BEGIN AVAILABLE RECORDS

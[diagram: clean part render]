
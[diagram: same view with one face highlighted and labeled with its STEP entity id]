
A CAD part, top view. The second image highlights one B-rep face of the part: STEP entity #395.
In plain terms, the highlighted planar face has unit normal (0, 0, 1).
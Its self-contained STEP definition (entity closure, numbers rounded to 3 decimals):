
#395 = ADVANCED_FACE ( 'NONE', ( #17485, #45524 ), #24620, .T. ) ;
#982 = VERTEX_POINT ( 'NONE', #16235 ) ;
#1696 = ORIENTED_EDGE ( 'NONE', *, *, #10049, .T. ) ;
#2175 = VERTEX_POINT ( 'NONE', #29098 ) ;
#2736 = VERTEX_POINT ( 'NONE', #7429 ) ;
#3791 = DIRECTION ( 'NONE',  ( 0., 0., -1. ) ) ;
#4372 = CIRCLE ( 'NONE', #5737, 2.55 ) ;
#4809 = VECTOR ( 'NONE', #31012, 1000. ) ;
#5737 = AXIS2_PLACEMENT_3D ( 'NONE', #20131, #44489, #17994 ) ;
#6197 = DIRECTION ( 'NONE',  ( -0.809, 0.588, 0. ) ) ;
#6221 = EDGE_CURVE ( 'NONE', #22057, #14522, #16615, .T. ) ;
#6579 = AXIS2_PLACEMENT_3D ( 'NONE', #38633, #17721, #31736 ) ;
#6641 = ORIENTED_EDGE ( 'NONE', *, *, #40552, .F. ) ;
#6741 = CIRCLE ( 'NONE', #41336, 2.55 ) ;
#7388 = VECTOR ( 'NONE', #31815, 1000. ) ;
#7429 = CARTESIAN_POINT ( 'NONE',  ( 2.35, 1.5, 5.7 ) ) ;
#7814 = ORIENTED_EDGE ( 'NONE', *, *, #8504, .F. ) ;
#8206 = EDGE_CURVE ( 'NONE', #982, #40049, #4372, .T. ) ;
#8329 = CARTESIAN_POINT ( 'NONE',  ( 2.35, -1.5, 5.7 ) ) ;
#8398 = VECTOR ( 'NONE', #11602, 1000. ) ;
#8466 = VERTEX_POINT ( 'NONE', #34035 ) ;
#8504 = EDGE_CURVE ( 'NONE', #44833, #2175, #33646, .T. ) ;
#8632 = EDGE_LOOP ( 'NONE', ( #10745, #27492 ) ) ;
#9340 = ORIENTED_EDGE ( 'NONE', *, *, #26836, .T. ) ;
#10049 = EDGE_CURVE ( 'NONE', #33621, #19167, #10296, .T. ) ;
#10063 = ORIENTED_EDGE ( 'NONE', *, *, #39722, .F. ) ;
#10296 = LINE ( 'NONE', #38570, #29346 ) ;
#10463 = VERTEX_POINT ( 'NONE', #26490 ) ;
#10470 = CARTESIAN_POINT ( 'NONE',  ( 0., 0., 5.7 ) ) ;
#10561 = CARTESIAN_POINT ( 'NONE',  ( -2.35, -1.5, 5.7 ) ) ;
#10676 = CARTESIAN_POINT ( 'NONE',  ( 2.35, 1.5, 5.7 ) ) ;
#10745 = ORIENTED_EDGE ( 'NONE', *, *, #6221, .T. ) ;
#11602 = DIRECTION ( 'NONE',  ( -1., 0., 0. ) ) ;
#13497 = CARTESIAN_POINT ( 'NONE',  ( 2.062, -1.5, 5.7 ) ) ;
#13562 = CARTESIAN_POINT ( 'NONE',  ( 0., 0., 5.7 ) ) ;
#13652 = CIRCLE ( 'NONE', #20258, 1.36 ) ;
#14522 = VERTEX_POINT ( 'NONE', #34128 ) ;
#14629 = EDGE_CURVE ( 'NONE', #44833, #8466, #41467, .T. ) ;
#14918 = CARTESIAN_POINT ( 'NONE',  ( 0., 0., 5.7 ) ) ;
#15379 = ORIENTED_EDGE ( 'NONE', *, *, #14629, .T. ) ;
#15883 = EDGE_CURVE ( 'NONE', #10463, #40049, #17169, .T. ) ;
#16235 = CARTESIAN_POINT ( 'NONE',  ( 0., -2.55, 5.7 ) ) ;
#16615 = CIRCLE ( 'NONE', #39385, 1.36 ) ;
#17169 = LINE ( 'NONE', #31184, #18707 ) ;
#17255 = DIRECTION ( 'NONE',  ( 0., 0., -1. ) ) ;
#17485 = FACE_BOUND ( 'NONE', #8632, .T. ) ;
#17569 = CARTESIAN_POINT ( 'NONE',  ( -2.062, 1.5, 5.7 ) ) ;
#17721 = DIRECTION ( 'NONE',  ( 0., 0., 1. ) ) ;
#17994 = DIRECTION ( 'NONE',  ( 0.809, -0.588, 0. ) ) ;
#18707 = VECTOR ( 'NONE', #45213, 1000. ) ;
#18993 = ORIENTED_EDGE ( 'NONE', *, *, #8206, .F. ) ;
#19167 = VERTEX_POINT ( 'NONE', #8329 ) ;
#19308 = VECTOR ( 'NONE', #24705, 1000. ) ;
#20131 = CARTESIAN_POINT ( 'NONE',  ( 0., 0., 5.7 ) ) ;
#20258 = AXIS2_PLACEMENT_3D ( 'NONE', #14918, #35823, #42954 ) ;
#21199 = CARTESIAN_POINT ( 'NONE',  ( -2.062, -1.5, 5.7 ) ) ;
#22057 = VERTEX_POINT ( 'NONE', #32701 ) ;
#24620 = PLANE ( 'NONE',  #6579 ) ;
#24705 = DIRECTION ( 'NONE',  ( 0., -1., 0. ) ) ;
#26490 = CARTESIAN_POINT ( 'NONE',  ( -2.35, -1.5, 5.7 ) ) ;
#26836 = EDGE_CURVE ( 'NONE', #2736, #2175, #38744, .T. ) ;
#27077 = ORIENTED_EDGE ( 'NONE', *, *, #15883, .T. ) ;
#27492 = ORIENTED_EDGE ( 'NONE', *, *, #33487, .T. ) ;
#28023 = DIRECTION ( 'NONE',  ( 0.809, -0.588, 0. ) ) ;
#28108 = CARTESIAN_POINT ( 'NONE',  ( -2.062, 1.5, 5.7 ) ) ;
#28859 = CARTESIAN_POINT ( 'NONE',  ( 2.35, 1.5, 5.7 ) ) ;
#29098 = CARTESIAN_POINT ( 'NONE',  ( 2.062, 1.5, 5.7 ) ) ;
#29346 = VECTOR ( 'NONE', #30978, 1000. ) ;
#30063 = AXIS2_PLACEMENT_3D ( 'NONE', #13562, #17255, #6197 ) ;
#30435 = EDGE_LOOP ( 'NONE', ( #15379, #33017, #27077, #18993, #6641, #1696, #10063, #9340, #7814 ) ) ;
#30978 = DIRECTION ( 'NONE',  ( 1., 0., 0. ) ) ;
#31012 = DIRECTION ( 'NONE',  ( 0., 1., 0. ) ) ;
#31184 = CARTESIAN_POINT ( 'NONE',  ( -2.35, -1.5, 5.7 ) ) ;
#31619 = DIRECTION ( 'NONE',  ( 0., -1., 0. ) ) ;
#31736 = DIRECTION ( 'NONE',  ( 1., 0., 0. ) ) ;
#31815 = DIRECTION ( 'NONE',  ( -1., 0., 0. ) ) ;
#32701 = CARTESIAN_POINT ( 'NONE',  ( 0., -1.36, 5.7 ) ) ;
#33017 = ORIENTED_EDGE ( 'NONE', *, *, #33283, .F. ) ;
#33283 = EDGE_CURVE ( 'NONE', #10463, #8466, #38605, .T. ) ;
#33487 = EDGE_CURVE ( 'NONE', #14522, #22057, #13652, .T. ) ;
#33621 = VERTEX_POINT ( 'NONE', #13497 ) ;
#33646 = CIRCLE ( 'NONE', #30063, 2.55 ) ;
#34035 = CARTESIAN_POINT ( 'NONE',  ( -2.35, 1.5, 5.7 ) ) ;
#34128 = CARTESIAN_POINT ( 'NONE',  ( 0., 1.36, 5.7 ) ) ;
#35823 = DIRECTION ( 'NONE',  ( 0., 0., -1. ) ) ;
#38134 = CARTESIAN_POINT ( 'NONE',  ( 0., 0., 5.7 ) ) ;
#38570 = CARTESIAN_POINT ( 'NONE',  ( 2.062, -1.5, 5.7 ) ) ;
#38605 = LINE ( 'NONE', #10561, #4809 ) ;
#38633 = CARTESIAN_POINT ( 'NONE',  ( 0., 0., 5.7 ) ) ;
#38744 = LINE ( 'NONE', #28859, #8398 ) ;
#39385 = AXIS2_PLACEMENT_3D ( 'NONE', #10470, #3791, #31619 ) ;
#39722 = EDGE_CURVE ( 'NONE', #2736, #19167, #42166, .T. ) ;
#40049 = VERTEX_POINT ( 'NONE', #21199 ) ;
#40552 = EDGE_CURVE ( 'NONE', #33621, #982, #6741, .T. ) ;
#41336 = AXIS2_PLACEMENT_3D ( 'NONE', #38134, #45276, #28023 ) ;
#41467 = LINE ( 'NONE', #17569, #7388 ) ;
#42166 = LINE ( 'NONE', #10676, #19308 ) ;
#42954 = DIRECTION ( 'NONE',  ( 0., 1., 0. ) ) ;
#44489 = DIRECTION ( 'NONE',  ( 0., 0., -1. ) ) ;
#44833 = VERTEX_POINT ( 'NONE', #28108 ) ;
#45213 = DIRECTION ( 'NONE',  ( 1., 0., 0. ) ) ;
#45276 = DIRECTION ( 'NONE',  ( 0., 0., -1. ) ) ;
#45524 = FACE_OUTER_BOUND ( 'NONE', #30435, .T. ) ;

END AVAILABLE RECORDS

Reproduce, character for character, only the lines of the preceding data that start at the line with "#11602 = DIRECTION" and end at the line with "#16235 = CARTESIAN_POINT", both included.

#11602 = DIRECTION ( 'NONE',  ( -1., 0., 0. ) ) ;
#13497 = CARTESIAN_POINT ( 'NONE',  ( 2.062, -1.5, 5.7 ) ) ;
#13562 = CARTESIAN_POINT ( 'NONE',  ( 0., 0., 5.7 ) ) ;
#13652 = CIRCLE ( 'NONE', #20258, 1.36 ) ;
#14522 = VERTEX_POINT ( 'NONE', #34128 ) ;
#14629 = EDGE_CURVE ( 'NONE', #44833, #8466, #41467, .T. ) ;
#14918 = CARTESIAN_POINT ( 'NONE',  ( 0., 0., 5.7 ) ) ;
#15379 = ORIENTED_EDGE ( 'NONE', *, *, #14629, .T. ) ;
#15883 = EDGE_CURVE ( 'NONE', #10463, #40049, #17169, .T. ) ;
#16235 = CARTESIAN_POINT ( 'NONE',  ( 0., -2.55, 5.7 ) ) ;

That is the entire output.